Тут и целые большие эпиграммы, в роде, например, следующей:
Учитель приказал — будь нигилистом, друг,Работа легкая — свищи и прыгай с нами —В „Свистке“ иль „хронике“ — хоть прозой, хоть стихами…И пишет, пишет он. А как вторымто вдругОкажется москвич учителем по счету.Уж он наверное трудней задаст работу.Не напечатает он и в смеси стихи,Невинной юности нелепые грехи.Прикажет позабыть все эти там идеи,Пера игривого лукавые затеи.
Этот „москвич“ — конечно, Катков, в журнал которого мог якобы переметнуться Салтыков. В большом стихотворении „Выспренний Кулерберг“, с подзаголовком „Нечто в роде Вальпургиевой ночи, только гораздо грязнее“, Мефистофель и Фауст на русском журнальном Брокене встречают ряд писателей; среди них выступает и —
Журнальный Вицгубернатор.
Я журнальный генерал,Все я на свете знаю;Всех ругая наповал,Деньги наживаю.

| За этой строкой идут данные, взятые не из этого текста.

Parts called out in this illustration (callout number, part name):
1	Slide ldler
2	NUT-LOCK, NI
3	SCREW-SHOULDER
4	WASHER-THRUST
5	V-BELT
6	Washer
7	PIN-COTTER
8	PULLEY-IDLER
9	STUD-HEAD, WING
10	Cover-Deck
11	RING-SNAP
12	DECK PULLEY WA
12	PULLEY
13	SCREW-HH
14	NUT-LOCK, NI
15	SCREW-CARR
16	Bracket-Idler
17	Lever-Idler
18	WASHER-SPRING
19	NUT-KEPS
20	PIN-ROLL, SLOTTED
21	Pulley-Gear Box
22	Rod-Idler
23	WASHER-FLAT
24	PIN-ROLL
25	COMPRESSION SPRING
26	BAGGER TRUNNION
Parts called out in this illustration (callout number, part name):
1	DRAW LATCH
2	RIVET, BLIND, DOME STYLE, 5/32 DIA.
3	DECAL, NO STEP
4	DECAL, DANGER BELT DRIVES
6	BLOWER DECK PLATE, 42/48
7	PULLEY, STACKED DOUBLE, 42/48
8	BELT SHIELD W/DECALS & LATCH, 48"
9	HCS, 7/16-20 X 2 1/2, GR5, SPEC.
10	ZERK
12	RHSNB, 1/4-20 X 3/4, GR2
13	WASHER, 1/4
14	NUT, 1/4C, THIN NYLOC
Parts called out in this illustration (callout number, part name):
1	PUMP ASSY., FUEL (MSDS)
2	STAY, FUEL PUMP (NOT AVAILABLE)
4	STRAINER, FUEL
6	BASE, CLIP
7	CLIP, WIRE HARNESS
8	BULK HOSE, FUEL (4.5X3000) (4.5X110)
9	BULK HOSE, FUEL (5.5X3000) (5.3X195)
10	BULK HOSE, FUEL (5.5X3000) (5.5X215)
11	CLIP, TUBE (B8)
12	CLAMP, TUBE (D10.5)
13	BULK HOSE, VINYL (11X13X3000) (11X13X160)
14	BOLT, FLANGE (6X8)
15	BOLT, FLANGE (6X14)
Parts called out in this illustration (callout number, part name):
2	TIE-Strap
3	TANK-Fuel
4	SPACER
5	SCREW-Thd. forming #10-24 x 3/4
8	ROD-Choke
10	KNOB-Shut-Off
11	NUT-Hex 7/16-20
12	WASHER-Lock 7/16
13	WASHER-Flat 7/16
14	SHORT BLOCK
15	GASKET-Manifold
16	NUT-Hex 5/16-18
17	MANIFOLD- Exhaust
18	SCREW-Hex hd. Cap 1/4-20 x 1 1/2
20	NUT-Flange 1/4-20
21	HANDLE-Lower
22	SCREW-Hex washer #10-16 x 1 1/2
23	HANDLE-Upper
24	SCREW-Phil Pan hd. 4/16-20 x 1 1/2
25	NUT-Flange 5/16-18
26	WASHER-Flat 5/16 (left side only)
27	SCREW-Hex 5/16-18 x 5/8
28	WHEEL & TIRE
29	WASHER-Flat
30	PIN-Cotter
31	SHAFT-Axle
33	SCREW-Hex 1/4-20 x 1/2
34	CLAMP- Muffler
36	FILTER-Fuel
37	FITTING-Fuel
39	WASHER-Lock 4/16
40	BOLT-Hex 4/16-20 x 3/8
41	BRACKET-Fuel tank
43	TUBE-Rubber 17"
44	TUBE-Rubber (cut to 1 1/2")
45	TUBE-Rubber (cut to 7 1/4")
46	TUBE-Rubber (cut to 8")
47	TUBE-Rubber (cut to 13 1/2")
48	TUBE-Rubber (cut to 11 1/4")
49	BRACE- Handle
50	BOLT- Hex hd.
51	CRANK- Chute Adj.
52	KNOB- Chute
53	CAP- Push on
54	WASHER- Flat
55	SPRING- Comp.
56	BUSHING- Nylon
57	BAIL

Сатирическая журнальная литература шестидесятых годов почти совсем не изучена (исключение составляют журналы „Искра“ и „Весельчак“, исчерпывающе описанные И. Ф. Масановым); тем интереснее было остановиться на мало известном журнальчике, руководимом к тому же Аполлоном Григорьевым, и познакомиться, как этот идейный враг Салтыкова расправлялся с ним на страницах своего журнала. Это отношение к Салтыкову очень показательно: не только Аполлон Григорьев, но и другие современные ему журналисты и писатели пребывали в недоумении о причинах связи Салтыкова с „нигилистами“. Мы теперь хорошо знаем эти причины, так как видели путь развития Салтыкова в 1860–1862 гг., когда он печатал на страницах „Современника“ свой глуповский цикл. „Нигилистом“ Салтыков не был, как не был выразителем этого течения и сам „Современник“, напротив того, боровшийся с представителями идей нигилизма, писавшими тогда в „Русском Слове“. С „Современником“ Салтыкова связал не „нигилизм“, а соединила общая политическая и социальная платформа. Понятие „народа“ недаром было основным и для Салтыкова, и для „Современника“; заложенные Герценом и Чернышевским основы социалистического народничества, получившие окончательное развитие лишь в семидесятых годах, продолжали развиваться в „Современнике“ и после насильственного удаления из него Чернышевского. Мы видели, что в своих публицистических статьях Салтыков совершенно определенно примкнул к этой мало-по-малу выявлявшейся тогда точке зрения. Работа Салтыкова в „Современнике“ 1863–1864 гг. была громадна не только по количеству написанного им за эти два года, но и по значению этого написанного в общей истории всего литературного творчества Салтыкова. Не говоря уже о том, что за эти годы на страницах „Современника“ Салтыков закончил глуповский цикл, дал в очерке „Как кому угодно“ первый и ясный набросок темы будущих „Благонамеренных речей“, написал первые четыре очерка будущих „Помпадуров и помпадурш“, — в это же время им был написан глубоко замечательный цикл статей „Наша общественная жизнь“, в которых Салтыков, после глуповского цикла, окончательно выработал свой стиль, свои темы, способ подхода к ним и свой язык. После трехлетнего вынужденного службой пробела в литературной работе, Салтыков достиг вершин литературного развития уже в самых первых своих произведениях конца шестидесятых и начала семидесятых годов.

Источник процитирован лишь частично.